43. Process according to any one of claims 40 to 42, characterized in that it comprises the step of positioning the technical staff close enough to the components that will undergo maintenance.

44. Process according to claim 43, characterized in that it comprises the step of getting down technicians from the aerostat to the tower by means of a basket after positioning.

45. Process according to claim 40, characterized in that the maintenance procedure may be performed in at least two embodiments: the technicians get down from the basket to the tower with the respective tools; or carry out maintenance inside the basket.

46. Process according to claim 45, characterized in that the adopted maintenance procedure depends on the time required to perform the work and the basket accessibility of the site in the tower to be repaired.

47. Process according to any one of claims 43 to 46, characterized in that the aerostat operate in heaviness, and the total mass discharged is less than the heaviness value of the instant for technicians and respective tools get down from the basket without having to perform mass transfer.

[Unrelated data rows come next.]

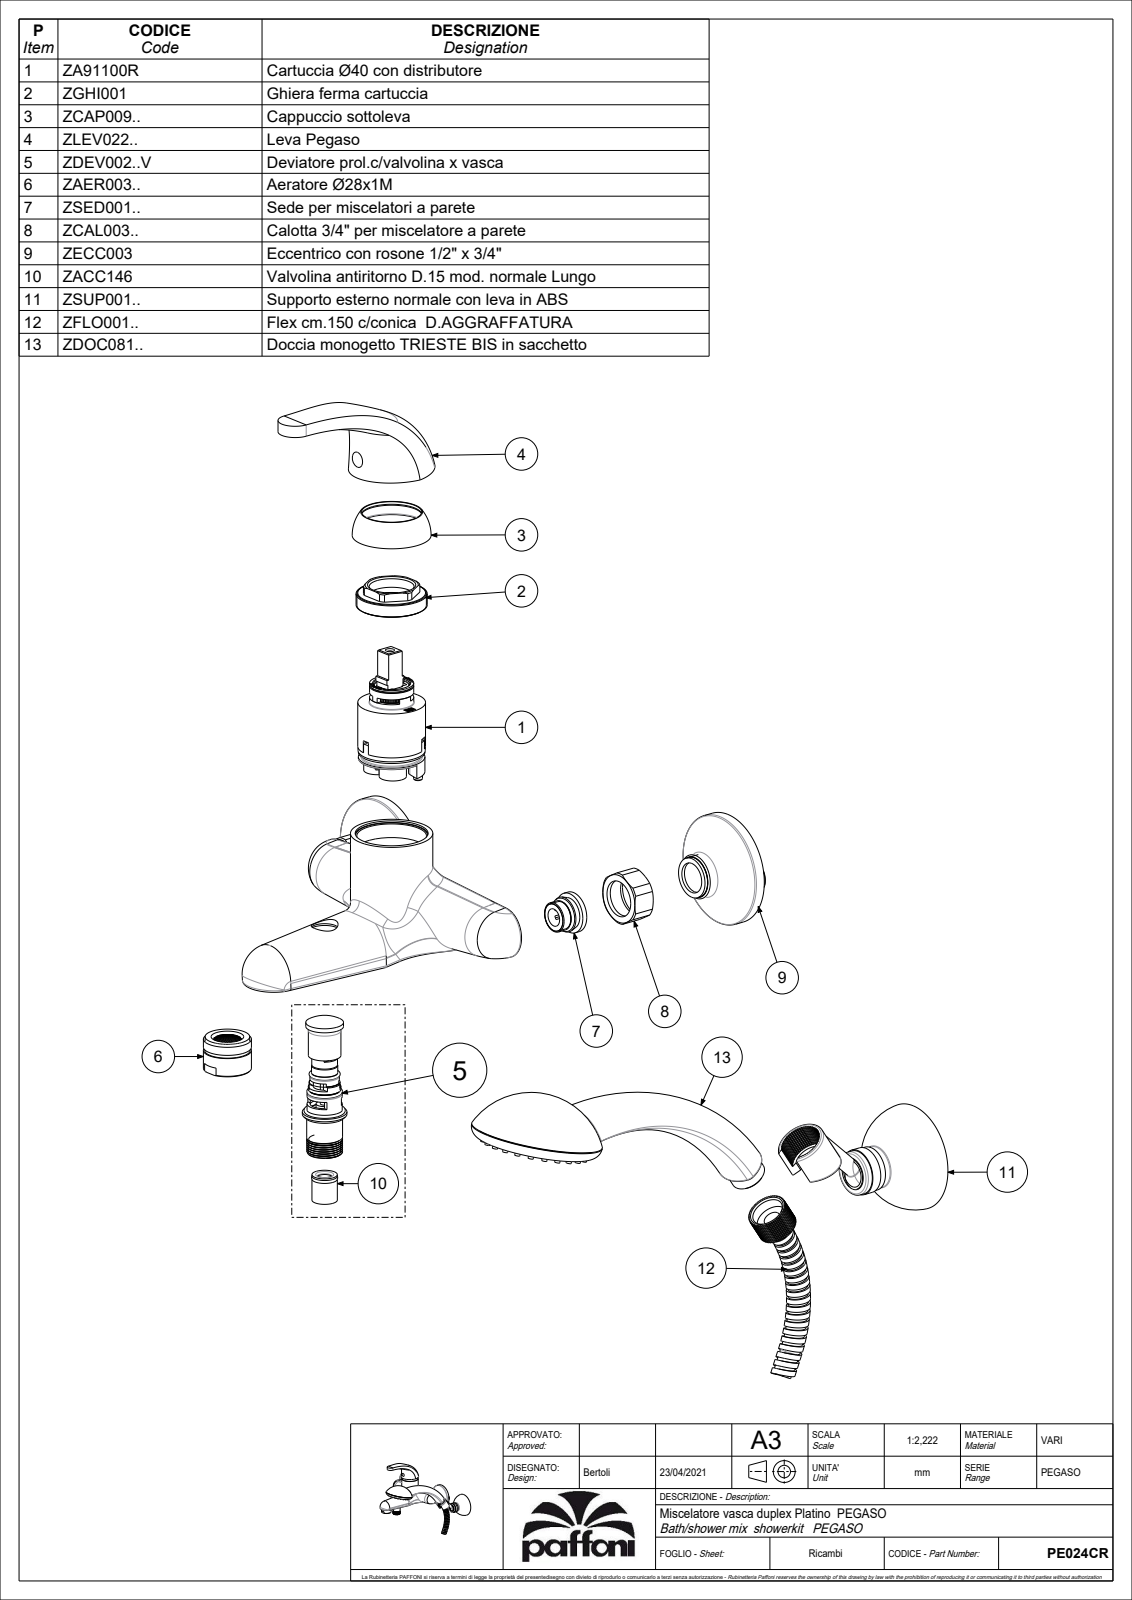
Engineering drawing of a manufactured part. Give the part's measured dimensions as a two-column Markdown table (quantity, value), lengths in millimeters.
| quantity | value |
| --- | --- |
| part name | PE024CR_SW0001 |
| STEP written by | CREO PARAMETRIC BY PTC INC, 2022124 (CONFIG_CONTROL_DESIGN) |
| units | millimeters |
| bodies | 4 solids, 1184 faces (374 planar, 258 cylindrical, 552 other) |
| overall size | 323.23 × 287.63 × 232.81 |
| volume | 758 712 mm³ |
| surface area | 155 686 mm² |
| round holes (diameter × count) | 6 × 2, 19 × 2, 21.5 × 2, 26.7 × 2, 10 × 1, 14 × 1, 15 × 1, 18 × 1, 21 × 1, 23.5 × 1 |
| round bosses / shafts (diameter × count) | 66 × 2, 26.4 × 2, 26 × 2, 21 × 2, 75.5 × 1, 48 × 1, 29 × 1, 28 × 1 |
| partial cylindrical surfaces (radius × count) | 1 × 8, 3.65 × 2, 3.8 × 2, 15.5 × 2, 15.89 × 2, 16.04 × 2, 16.27 × 2, 16.42 × 2 |
| main face-to-face distances | 34, 33.97, 34.5, 0.5, 34.47, 29, 20.5, 10.5, 1.5, 86 |
| hole center spacings | 98.27, 100, 150, 186.16, 250 |

48. Process according to any one of claims 40 to 47, characterized in that the maintenance comprises the step of directing water jet in the transmission line components to perform cleaning.

49. Process according to any one of claims 40 to 48, characterized in that it is performed by an airship adapted for use in transmission lines.

50. Operation process of transmission lines, characterized in that it comprises the steps of: providing an aerostat adapted for use in service flights in transmission lines; and

positioning the adapted aerostat in a position to allow carrying out communication between inspection and maintenance teams with the substations and / or regional operating centers.

51. Process according to claim 50, characterized in that it is performed by an airship adapted for use in transmission lines.